[Start of Attachment]
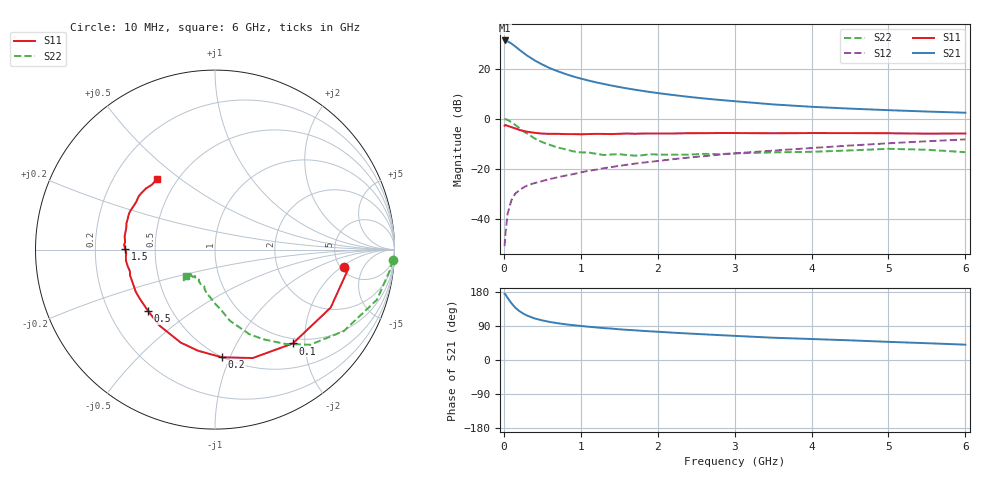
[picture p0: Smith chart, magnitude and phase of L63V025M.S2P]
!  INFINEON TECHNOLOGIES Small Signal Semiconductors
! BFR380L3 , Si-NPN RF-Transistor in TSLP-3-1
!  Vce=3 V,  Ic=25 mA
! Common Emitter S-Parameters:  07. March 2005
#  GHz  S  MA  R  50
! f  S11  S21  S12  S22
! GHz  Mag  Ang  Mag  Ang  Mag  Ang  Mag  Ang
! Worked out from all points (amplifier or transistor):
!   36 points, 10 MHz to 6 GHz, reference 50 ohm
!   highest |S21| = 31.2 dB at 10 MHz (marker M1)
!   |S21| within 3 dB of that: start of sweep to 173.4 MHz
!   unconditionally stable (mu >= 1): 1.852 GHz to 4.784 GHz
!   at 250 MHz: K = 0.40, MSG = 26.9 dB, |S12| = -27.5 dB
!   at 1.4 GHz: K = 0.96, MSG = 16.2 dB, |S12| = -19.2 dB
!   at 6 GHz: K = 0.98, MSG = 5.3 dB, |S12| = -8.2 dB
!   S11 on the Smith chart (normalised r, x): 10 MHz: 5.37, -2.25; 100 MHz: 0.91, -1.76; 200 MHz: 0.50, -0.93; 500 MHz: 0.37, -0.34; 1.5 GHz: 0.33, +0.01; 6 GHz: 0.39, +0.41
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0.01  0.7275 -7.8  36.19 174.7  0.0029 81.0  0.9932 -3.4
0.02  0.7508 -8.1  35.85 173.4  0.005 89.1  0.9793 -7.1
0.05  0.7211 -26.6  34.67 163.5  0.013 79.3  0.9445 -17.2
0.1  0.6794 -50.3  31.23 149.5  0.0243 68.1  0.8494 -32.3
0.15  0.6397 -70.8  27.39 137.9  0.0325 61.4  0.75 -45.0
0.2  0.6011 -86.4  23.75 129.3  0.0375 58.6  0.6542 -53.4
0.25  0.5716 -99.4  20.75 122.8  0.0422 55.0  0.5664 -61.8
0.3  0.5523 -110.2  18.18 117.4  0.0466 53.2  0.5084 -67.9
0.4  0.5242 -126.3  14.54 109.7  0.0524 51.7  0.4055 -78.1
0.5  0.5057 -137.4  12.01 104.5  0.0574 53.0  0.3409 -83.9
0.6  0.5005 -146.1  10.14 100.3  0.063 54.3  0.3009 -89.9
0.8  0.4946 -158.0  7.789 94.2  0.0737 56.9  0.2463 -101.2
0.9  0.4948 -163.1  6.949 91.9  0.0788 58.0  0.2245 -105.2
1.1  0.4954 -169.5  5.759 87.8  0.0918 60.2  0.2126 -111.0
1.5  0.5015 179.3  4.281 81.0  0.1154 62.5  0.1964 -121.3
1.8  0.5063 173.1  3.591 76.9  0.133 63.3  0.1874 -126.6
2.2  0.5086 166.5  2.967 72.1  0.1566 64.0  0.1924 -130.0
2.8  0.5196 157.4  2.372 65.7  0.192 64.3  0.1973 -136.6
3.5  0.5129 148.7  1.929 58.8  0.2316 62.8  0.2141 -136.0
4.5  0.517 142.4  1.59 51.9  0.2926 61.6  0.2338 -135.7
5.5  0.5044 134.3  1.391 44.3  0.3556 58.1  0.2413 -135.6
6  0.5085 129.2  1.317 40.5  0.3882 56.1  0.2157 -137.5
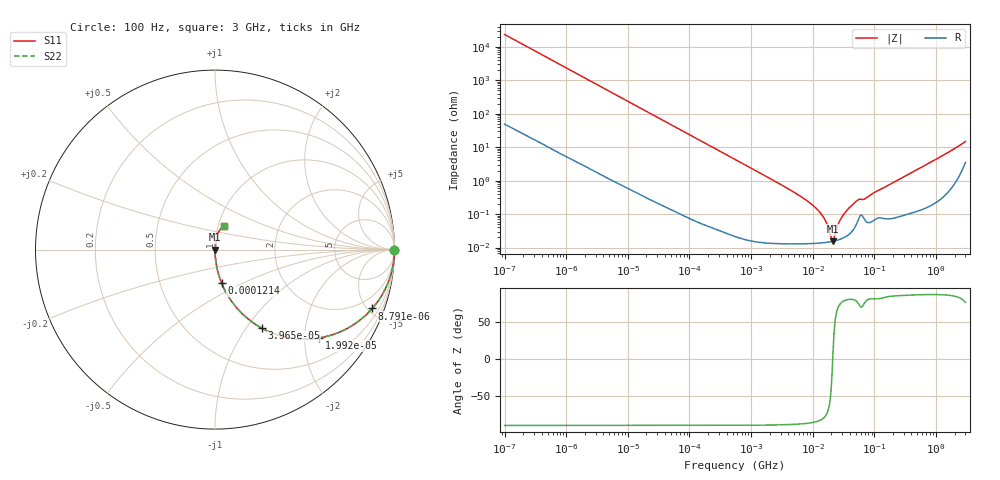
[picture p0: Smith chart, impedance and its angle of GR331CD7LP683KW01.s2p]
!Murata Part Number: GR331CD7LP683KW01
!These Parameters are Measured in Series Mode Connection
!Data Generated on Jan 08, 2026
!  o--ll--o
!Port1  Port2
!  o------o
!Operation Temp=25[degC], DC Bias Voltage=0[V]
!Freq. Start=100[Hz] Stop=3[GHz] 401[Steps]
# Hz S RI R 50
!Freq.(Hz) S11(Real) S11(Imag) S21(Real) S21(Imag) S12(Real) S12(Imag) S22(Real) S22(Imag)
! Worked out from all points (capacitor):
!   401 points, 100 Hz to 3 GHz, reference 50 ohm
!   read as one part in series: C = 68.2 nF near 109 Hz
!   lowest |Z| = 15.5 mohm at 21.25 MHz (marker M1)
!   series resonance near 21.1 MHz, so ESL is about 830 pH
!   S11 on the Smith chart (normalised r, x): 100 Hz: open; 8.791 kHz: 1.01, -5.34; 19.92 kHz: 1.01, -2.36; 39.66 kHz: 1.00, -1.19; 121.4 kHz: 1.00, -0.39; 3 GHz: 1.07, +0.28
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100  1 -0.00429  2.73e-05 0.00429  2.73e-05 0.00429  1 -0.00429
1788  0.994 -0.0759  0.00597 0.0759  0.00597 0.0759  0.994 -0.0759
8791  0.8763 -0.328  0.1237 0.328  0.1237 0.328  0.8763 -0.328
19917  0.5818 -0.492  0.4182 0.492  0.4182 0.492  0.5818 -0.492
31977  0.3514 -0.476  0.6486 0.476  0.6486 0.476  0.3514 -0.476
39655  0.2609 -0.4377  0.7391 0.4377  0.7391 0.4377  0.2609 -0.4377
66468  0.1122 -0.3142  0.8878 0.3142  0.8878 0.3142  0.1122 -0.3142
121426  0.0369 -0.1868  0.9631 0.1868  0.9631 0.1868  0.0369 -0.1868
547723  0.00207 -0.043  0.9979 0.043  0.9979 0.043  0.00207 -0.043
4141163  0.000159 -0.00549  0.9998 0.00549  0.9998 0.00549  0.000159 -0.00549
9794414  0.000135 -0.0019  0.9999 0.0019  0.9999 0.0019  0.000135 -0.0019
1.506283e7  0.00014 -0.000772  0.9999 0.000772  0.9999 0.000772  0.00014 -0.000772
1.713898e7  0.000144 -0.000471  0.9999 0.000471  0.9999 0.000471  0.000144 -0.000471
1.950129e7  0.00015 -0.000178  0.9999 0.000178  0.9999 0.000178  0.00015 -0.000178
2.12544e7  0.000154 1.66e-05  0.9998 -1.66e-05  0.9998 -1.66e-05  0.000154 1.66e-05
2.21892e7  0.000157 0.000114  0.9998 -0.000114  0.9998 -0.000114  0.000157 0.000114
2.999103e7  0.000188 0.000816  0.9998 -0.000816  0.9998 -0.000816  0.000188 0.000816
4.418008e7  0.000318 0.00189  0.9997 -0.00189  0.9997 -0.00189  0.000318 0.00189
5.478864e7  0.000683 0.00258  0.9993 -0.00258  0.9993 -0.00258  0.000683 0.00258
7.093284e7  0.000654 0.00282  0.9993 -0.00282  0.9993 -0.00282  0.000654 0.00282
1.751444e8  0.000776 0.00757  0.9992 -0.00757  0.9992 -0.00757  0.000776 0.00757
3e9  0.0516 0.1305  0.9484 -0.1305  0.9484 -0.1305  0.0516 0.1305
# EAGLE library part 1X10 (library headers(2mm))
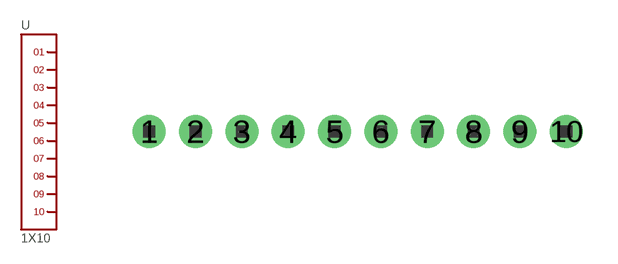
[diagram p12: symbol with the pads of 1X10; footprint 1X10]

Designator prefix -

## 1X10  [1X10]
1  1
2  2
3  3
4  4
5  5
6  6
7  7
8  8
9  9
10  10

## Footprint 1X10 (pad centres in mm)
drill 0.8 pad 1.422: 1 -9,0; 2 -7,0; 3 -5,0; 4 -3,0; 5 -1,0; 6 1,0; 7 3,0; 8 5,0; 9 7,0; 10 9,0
[End of Attachment]
Work item -> Filter the records above for lines with "Smith".

Exercise result ->
[picture p0: Smith chart, magnitude and phase of L63V025M.S2P]
!   S11 on the Smith chart (normalised r, x): 10 MHz: 5.37, -2.25; 100 MHz: 0.91, -1.76; 200 MHz: 0.50, -0.93; 500 MHz: 0.37, -0.34; 1.5 GHz: 0.33, +0.01; 6 GHz: 0.39, +0.41
[picture p0: Smith chart, impedance and its angle of GR331CD7LP683KW01.s2p]
!   S11 on the Smith chart (normalised r, x): 100 Hz: open; 8.791 kHz: 1.01, -5.34; 19.92 kHz: 1.01, -2.36; 39.66 kHz: 1.00, -1.19; 121.4 kHz: 1.00, -0.39; 3 GHz: 1.07, +0.28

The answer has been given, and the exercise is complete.